Algunos modelos no pueden explicar la órbita y otros la composición. Actualmente el más aceptado es que la Tierra, cuando estaba en formación, fue chocada por otro planeta llamado Theia y se desprendió mucho material que se aglutinó y formó la Luna. Si es un desprendimiento de la Tierra, su composición química debería ser la misma. Y no lo es.

Cuando se produjo la colisión, el material que se desprendió estaba a muy alta temperatura y algunos componentes químicos de su superficie se habrían volatilizado. También algunos componentes del planeta Theia podrían haber quedado en la Luna. Tiene gran cantidad de cráteres lo que indica que fue colisionada por asteroides que también podrían haberle aportado material que no existe en la Tierra. Por todo esto, es esperable que los dos cuerpos tengan composiciones ligeramente diferentes.
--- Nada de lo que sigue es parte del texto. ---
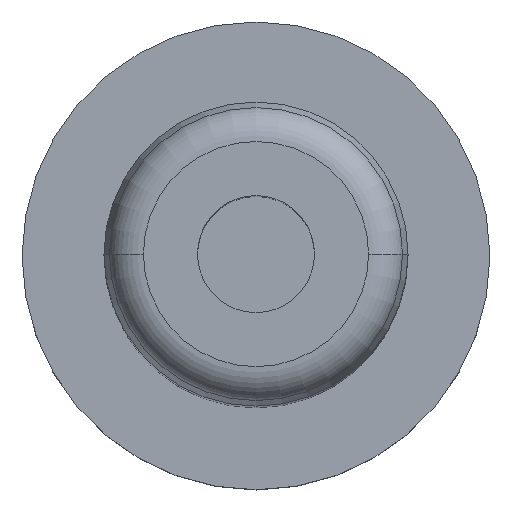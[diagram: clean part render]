
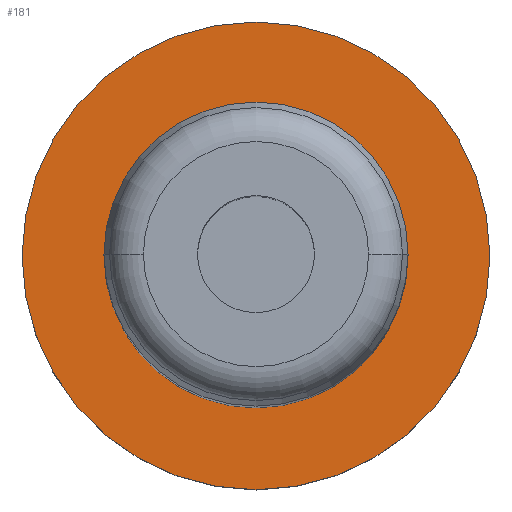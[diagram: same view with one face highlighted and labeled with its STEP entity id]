
A CAD part, top view. The second image highlights one B-rep face of the part: STEP entity #181.
In plain terms, the highlighted planar face has unit normal (0, 0, 1).
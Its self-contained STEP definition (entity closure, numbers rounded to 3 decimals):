
#111=FACE_BOUND('',#244,.T.);
#112=FACE_BOUND('',#245,.T.);
#181=ADVANCED_FACE('',(#111,#112),#201,.T.);
#201=PLANE('',#542);
#244=EDGE_LOOP('',(#311,#312));
#245=EDGE_LOOP('',(#313,#314));
#311=ORIENTED_EDGE('',*,*,#439,.F.);
#312=ORIENTED_EDGE('',*,*,#440,.F.);
#313=ORIENTED_EDGE('',*,*,#438,.T.);
#314=ORIENTED_EDGE('',*,*,#436,.T.);
#393=VERTEX_POINT('',#782);
#394=VERTEX_POINT('',#784);
#395=VERTEX_POINT('',#790);
#396=VERTEX_POINT('',#791);
#436=EDGE_CURVE('',#394,#393,#487,.T.);
#438=EDGE_CURVE('',#393,#394,#488,.T.);
#439=EDGE_CURVE('',#395,#396,#489,.T.);
#440=EDGE_CURVE('',#396,#395,#490,.T.);
#487=CIRCLE('',#536,5.5);
#488=CIRCLE('',#538,5.5);
#489=CIRCLE('',#540,10.);
#490=CIRCLE('',#541,10.);
#536=AXIS2_PLACEMENT_3D('',#783,#637,#638);
#538=AXIS2_PLACEMENT_3D('',#787,#642,#643);
#540=AXIS2_PLACEMENT_3D('',#789,#646,#647);
#541=AXIS2_PLACEMENT_3D('',#792,#648,#649);
#542=AXIS2_PLACEMENT_3D('',#793,#650,#651);
#637=DIRECTION('',(0.,0.,-1.));
#638=DIRECTION('',(0.,1.,0.));
#642=DIRECTION('',(0.,0.,-1.));
#643=DIRECTION('',(0.,-1.,0.));
#646=DIRECTION('',(0.,0.,-1.));
#647=DIRECTION('',(0.,1.,0.));
#648=DIRECTION('',(0.,0.,-1.));
#649=DIRECTION('',(0.,-1.,0.));
#650=DIRECTION('',(0.,0.,1.));
#651=DIRECTION('',(0.,-1.,0.));
#782=CARTESIAN_POINT('',(-5.5,0.,5.));
#783=CARTESIAN_POINT('',(0.,0.,5.));
#784=CARTESIAN_POINT('',(5.5,0.,5.));
#787=CARTESIAN_POINT('',(0.,0.,5.));
#789=CARTESIAN_POINT('',(0.,0.,5.));
#790=CARTESIAN_POINT('',(10.,0.,5.));
#791=CARTESIAN_POINT('',(-10.,0.,5.));
#792=CARTESIAN_POINT('',(0.,0.,5.));
#793=CARTESIAN_POINT('',(0.,0.,5.));

Es difícil estudiar la composición química de los objetos celestes porque no se puede llegar a ellos y se debe hacer por métodos indirectos. Cuando el hombre llegó a la Luna trajeron muestras de su superficie. Eso ayudó a estudiar su composición. Con eso se descubrió, por ejemplo, que la superficie de la Luna está cubierta de un material bastante volátil llamado regolito. Pero esto no es suficiente para conocer a fondo su composición.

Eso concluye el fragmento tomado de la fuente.